Catherine George August 31, 2012 at 07:06 PM
Thank you Mama San - Great comments. FYI Napa Local won't necessarily cringe. I'd really like to dispel the misconception that Napa Local is completely against chains or wants to ban chains. Not true. Napa Local wants what it seems like many of us are saying - let's try to keep and encourage local businesses in our downtown. An anchor store makes sense. We just don't want the entire downtown to become generic, full of chain stores, or only have expensive stores for tourists. We want our downtown to serve the locals too. Also, we don't have all the answers. We don't have it all figured out. Nor have we claimed that we do. We invite your ideas. Let's figure this out together.
Catherine George September 01, 2012 at 01:22 AM
Lorie - I can't speak for Alex, so I would suggest that you address him for clarification on what he meant re: anchor stores.
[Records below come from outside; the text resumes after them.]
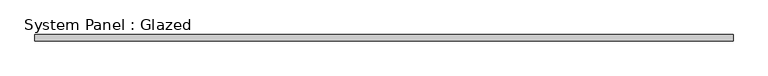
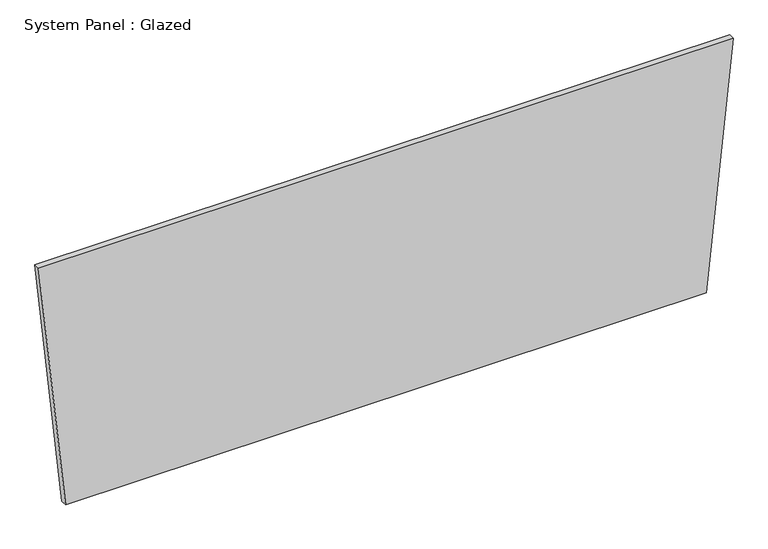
"""IFC4 building model written with IfcOpenShell, lengths in millimetres: plate geometry, System Panel : Glazed."""

import ifcopenshell
import ifcopenshell.guid

model = None  # the IFC model being written
_history = None  # IfcOwnerHistory: only IFC2X3 demands one
_inside = {}  # id of a spatial element -> (the spatial element, [elements in it])
_under = {}  # id of a project, library or spatial element -> (it, [spatial elements below it])
_declared = {}  # id of a project -> (the project, [libraries it declares])
_typed = {}  # id of a type object -> (the type object, [elements of that type])
_made_of = {}  # id of a material, layer set ... -> (it, [elements and type objects made of it])


def new_model(schema):
    """Start an empty IFC model of exactly this schema.

    Asked for "IFC4X3", IfcOpenShell would pick the latest addendum, in which some entities
    have other attributes; the version numbers below select the first issue.
    IFC2X3 requires an IfcOwnerHistory on every rooted entity: one is made here for all.
    """
    global model, _history
    if schema == "IFC4X3":
        model = ifcopenshell.file(schema_version=(4, 3, 0, 0))
    else:
        model = ifcopenshell.file(schema=schema)
    _inside.clear()
    _under.clear()
    _declared.clear()
    _typed.clear()
    _made_of.clear()
    _history = None
    if model.schema == "IFC2X3":
        org = make("IfcOrganization", Name="unknown")
        user = make(
            "IfcPersonAndOrganization",
            ThePerson=make("IfcPerson", FamilyName="unknown"),
            TheOrganization=org,
        )
        app = make(
            "IfcApplication",
            ApplicationDeveloper=org,
            Version="unknown",
            ApplicationFullName="unknown",
            ApplicationIdentifier="unknown",
        )
        _history = make(
            "IfcOwnerHistory",
            OwningUser=user,
            OwningApplication=app,
            ChangeAction="ADDED",
            CreationDate=0,
        )
    return model


def make(cls, **values):
    """One entity of the class cls with the attributes given. An attribute that is None is left unset."""
    return model.create_entity(
        cls, **{name: value for name, value in values.items() if value is not None}
    )


def rooted(cls, **values):
    """An entity with a GlobalId (a new one), such as an element, a storey or a relation."""
    return make(cls, GlobalId=ifcopenshell.guid.new(), OwnerHistory=_history, **values)


def si_unit(unit_type, name, prefix=None):
    """IfcSIUnit, for example si_unit("LENGTHUNIT", "METRE", prefix="MILLI")."""
    return make("IfcSIUnit", UnitType=unit_type, Prefix=prefix, Name=name)


def assignment(units):
    """IfcUnitAssignment: the units of a project."""
    return None if units is None else make("IfcUnitAssignment", Units=units)


def point(xyz):
    """IfcCartesianPoint."""
    return None if xyz is None else make("IfcCartesianPoint", Coordinates=xyz)


def direction(xyz):
    """IfcDirection."""
    return None if xyz is None else make("IfcDirection", DirectionRatios=xyz)


def frame(location, z_axis=None, x_axis=None):
    """IfcAxis2Placement3D, a coordinate frame: its origin and axes. An axis left out is left unset."""
    return make(
        "IfcAxis2Placement3D",
        Location=point(location),
        Axis=direction(z_axis),
        RefDirection=direction(x_axis),
    )


def origin():
    """The frame at (0, 0, 0) with its axes left unset."""
    return frame((0.0, 0.0, 0.0))


def place(relative_to, where):
    """IfcLocalPlacement: puts the frame where relative to a parent placement (None: the world)."""
    return make(
        "IfcLocalPlacement", PlacementRelTo=relative_to, RelativePlacement=where
    )


def context(
    kind, dimensions, precision=None, world=None, true_north=None, identifier=None
):
    """IfcGeometricRepresentationContext, for example the 3D "Model" context."""
    return make(
        "IfcGeometricRepresentationContext",
        ContextIdentifier=identifier,
        ContextType=kind,
        CoordinateSpaceDimension=dimensions,
        Precision=precision,
        WorldCoordinateSystem=world,
        TrueNorth=true_north,
    )


def project(units=None, contexts=None):
    """IfcProject with its units and contexts."""
    return rooted(
        "IfcProject",
        Name="project",
        RepresentationContexts=contexts,
        UnitsInContext=assignment(units),
    )


def spatial(cls, under=None, at=None, **own):
    """A site, building, storey or space (cls), placed at a placement, below another one or the project."""
    s = rooted(cls, ObjectPlacement=at, **own)
    if under is not None:
        _under.setdefault(under.id(), (under, []))[1].append(s)
    return s


def polyline(points):
    """IfcPolyline through the points."""
    return make("IfcPolyline", Points=[point(p) for p in points])


def outline(outer, holes=None, kind="AREA"):
    """IfcArbitraryClosedProfileDef: a profile drawn as a closed curve; with holes, ...WithVoids."""
    if holes is None:
        return make("IfcArbitraryClosedProfileDef", ProfileType=kind, OuterCurve=outer)
    return make(
        "IfcArbitraryProfileDefWithVoids",
        ProfileType=kind,
        OuterCurve=outer,
        InnerCurves=holes,
    )


def extrude(swept, where, along, depth):
    """IfcExtrudedAreaSolid: the profile swept, set in the frame where, extruded along a direction by depth."""
    return make(
        "IfcExtrudedAreaSolid",
        SweptArea=swept,
        Position=where,
        ExtrudedDirection=direction(along),
        Depth=depth,
    )


def shape(context_of_items, identifier, shape_type, items):
    """IfcShapeRepresentation: the items that make up one representation, for example the "Body"."""
    return make(
        "IfcShapeRepresentation",
        ContextOfItems=context_of_items,
        RepresentationIdentifier=identifier,
        RepresentationType=shape_type,
        Items=items,
    )


def source(mapping_origin, context_of_items, identifier, shape_type, items):
    """IfcRepresentationMap: a shape defined once, which mapped items show again and again."""
    return make(
        "IfcRepresentationMap",
        MappingOrigin=mapping_origin,
        MappedRepresentation=shape(context_of_items, identifier, shape_type, items),
    )


def transform(
    local_origin,
    x_axis=None,
    y_axis=None,
    z_axis=None,
    scale=None,
    scale2=None,
    scale3=None,
    uniform=True,
):
    """IfcCartesianTransformationOperator3D, or its non-uniform kind. x_axis, y_axis, z_axis: its Axis1, 2, 3."""
    if uniform:
        return make(
            "IfcCartesianTransformationOperator3D",
            Axis1=direction(x_axis),
            Axis2=direction(y_axis),
            LocalOrigin=point(local_origin),
            Scale=scale,
            Axis3=direction(z_axis),
        )
    return make(
        "IfcCartesianTransformationOperator3DnonUniform",
        Axis1=direction(x_axis),
        Axis2=direction(y_axis),
        LocalOrigin=point(local_origin),
        Scale=scale,
        Axis3=direction(z_axis),
        Scale2=scale2,
        Scale3=scale3,
    )


def mapped(mapping_source, mapping_target):
    """IfcMappedItem: shows the shape of a source again, moved by a transform."""
    return make(
        "IfcMappedItem", MappingSource=mapping_source, MappingTarget=mapping_target
    )


def made_of(thing, what):
    """Note that an element or type object is made of a material, layer set ...; save() writes the relation."""
    if what is not None:
        _made_of.setdefault(what.id(), (what, []))[1].append(thing)
    return thing


def element(
    cls,
    number,
    at=None,
    inside=None,
    cuts=None,
    type_object=None,
    material=None,
    context=None,
    identifier="Body",
    shape_type=None,
    held_by="IfcProductDefinitionShape",
    body=None,
    shapes=None,
    **own,
):
    """One element of the class cls, such as IfcWall. Its Tag is "e" and its number.

    at: its placement. inside: the storey or other place that contains it. cuts: it is an
    opening in that element (IfcRelVoidsElement). A single representation is given by context,
    identifier, shape_type and body (its items); several are given by shapes. held_by: the class
    of the entity that holds the representations. save() writes the other relations.
    """
    e = rooted(cls, Tag="e%d" % number, ObjectPlacement=at, **own)
    if body is not None:
        shapes = [shape(context, identifier, shape_type, body)]
    if shapes is not None:
        e.Representation = make(held_by, Representations=shapes)
    if inside is not None:
        _inside.setdefault(inside.id(), (inside, []))[1].append(e)
    if cuts is not None:
        rooted(
            "IfcRelVoidsElement", RelatingBuildingElement=cuts, RelatedOpeningElement=e
        )
    if type_object is not None:
        _typed.setdefault(type_object.id(), (type_object, []))[1].append(e)
    return made_of(e, material)


def aggregate(whole, parts):
    """IfcRelAggregates: a whole, such as a stair, and the parts it consists of."""
    return rooted("IfcRelAggregates", RelatingObject=whole, RelatedObjects=parts)


def save(model, path):
    """Write the relations noted so far, then the file.

    IfcRelAggregates (storeys below a building ...), IfcRelContainedInSpatialStructure (elements
    in a storey), IfcRelDefinesByType, IfcRelAssociatesMaterial and IfcRelDeclares: one each for
    every whole, place, type object, material and project.
    """
    for whole, parts in _under.values():
        aggregate(whole, parts)
    for where, things in _inside.values():
        rooted(
            "IfcRelContainedInSpatialStructure",
            RelatedElements=things,
            RelatingStructure=where,
        )
    for kind, things in _typed.values():
        rooted("IfcRelDefinesByType", RelatedObjects=things, RelatingType=kind)
    for what, things in _made_of.values():
        rooted("IfcRelAssociatesMaterial", RelatedObjects=things, RelatingMaterial=what)
    for by, libraries in _declared.values():
        rooted("IfcRelDeclares", RelatingContext=by, RelatedDefinitions=libraries)
    model.write(path)


def system_panel_glazed_642925df(model_context):
    return source(origin(), model_context, "Body", "SweptSolid", [
        extrude(outline(polyline([(0.0, -1309.6747893), (0.0, 1309.6747893), (1061.0613765, 1420.1781615), (1061.0613765, -1420.1781615), (0.0, -1309.6747893)])), frame((0.0, -44.45, 0.0), z_axis=(0.0, 1.0, 0.0), x_axis=(0.0, 0.0, 1.0)), (0.0, 0.0, 1.0), 25.4),
    ])


if __name__ == "__main__":
    model = new_model("IFC4")
    model_context = context("Model", 3, world=origin())
    ifc_project = project(units=[si_unit("LENGTHUNIT", "METRE", prefix="MILLI")], contexts=[model_context])
    site = spatial("IfcSite", under=ifc_project)
    building = spatial("IfcBuilding", under=site)
    placement = place(None, origin())
    system_panel_glazed_shape = system_panel_glazed_642925df(model_context)
    element("IfcPlate", 1, ObjectType="System Panel : Glazed", at=placement, inside=building, context=model_context, shape_type="MappedRepresentation", body=[
        mapped(system_panel_glazed_shape, transform((0.0, 0.0, 0.0), x_axis=(1.0, 0.0, 0.0), y_axis=(0.0, 1.0, 0.0), z_axis=(0.0, 0.0, 1.0))),
    ])
    save(model, "model.ifc")

I will say that I'm perfectly fine with the fact that there are individuals within the Napa Local group who have different opinions about things. As we all do.
Alex Shantz September 01, 2012 at 05:00 AM
You can check the public record. There were up to 30 Downtown Merchants who signed a statement of opposition to Starbucks. Several of them spoke that night. It is completely incorrect to claim there was consensus within the Downtown merchant community in support of Starbucks. The main opposition came from property owners and developers. You are blinded by what you want to see. The public record isn't.
Alex Shantz September 01, 2012 at 05:11 AM
I do not buy this idea of anchor stores. First off, anchor stores don't have to be corporate chains. There could be ways of using local businesses as anchor stores. Secondly, anchor stores might be ONE way of increasing foot traffic into Downtown Napa but it isn't the only way. And, if by anchor stores we mean corporate chains then it isn't best we can do since corporate chains remove money from the local economy. Why not find a way that increases foot traffic into Downtown without depending on corporate chains that remove profit from the community? That is the question we should be asking ourselves and our elected officials.